[Directions for this task] Across all lines of the entries, tally those with the word "source" in them. The reply is the tally, by itself.

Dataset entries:
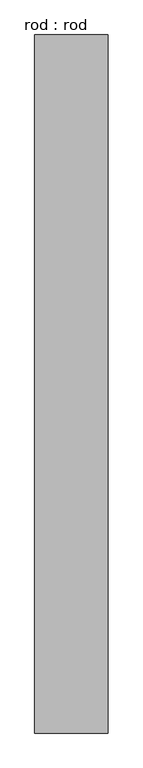
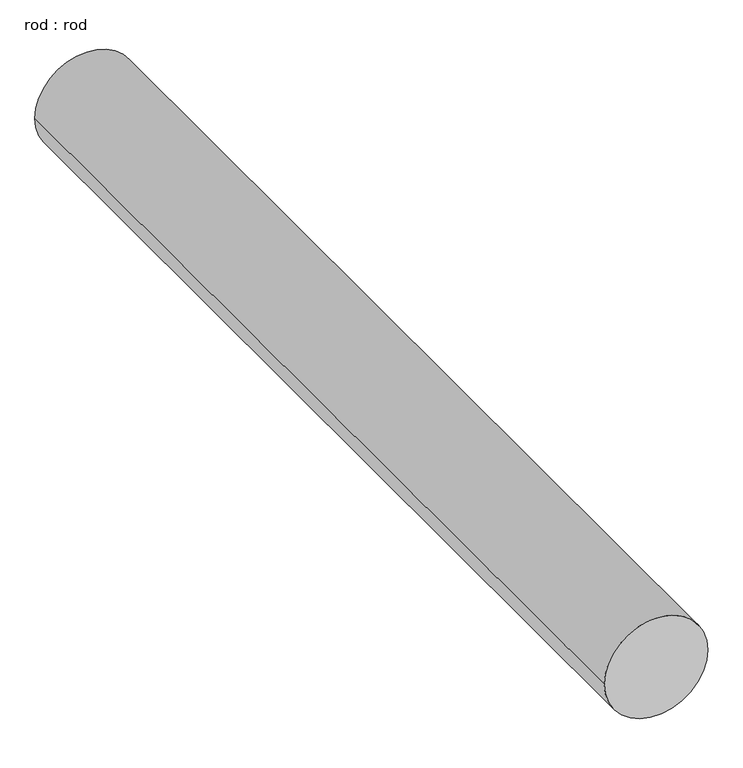
"""IFC4 building model written with IfcOpenShell, lengths in millimetres: proxy geometry, rod : rod."""

from ifc_helpers import new_model, si_unit, point, frame, frame_2d, origin, place, context, project, spatial, circle_curve, trimmed, segment, composite_curve, outline, extrude, source, transform, mapped, element, save


def rod_rod_96170eaf(model_context):
    return source(origin(), model_context, "Body", "SweptSolid", [
        extrude(outline(composite_curve([segment(trimmed(circle_curve(frame_2d((0.0108462, 0.0)), 200.0), [point((0.0108462, 200.0))], [point((0.0108462, -200.0))], False, "CARTESIAN"), True, "CONTINUOUS"), segment(trimmed(circle_curve(frame_2d((0.0108462, 0.0)), 200.0), [point((0.0108462, -200.0))], [point((0.0108462, 200.0))], False, "CARTESIAN"), True, "CONTINUOUS")], self_intersect=False)), frame((0.0, 2185.6661735, 0.0), z_axis=(0.0, 1.0, 0.0), x_axis=(0.0, 0.0, 1.0)), (0.0, 0.0, 1.0), 3814.1248837),
    ])


if __name__ == "__main__":
    model = new_model("IFC4")
    model_context = context("Model", 3, world=origin())
    ifc_project = project(units=[si_unit("LENGTHUNIT", "METRE", prefix="MILLI")], contexts=[model_context])
    site = spatial("IfcSite", under=ifc_project)
    building = spatial("IfcBuilding", under=site)
    placement = place(None, origin())
    rod_rod_shape = rod_rod_96170eaf(model_context)
    element("IfcBuildingElementProxy", 1, Name="rod : rod", ObjectType="rod : rod", at=placement, inside=building, context=model_context, shape_type="MappedRepresentation", body=[
        mapped(rod_rod_shape, transform((0.0, 0.0, 0.0), x_axis=(1.0, 0.0, 0.0), y_axis=(0.0, 1.0, 0.0), z_axis=(0.0, 0.0, 1.0))),
    ])
    save(model, "model.ifc")

# Revit data of these elements
# Type "rod : rod"
#   Default Elevation = 0

[Written response] 2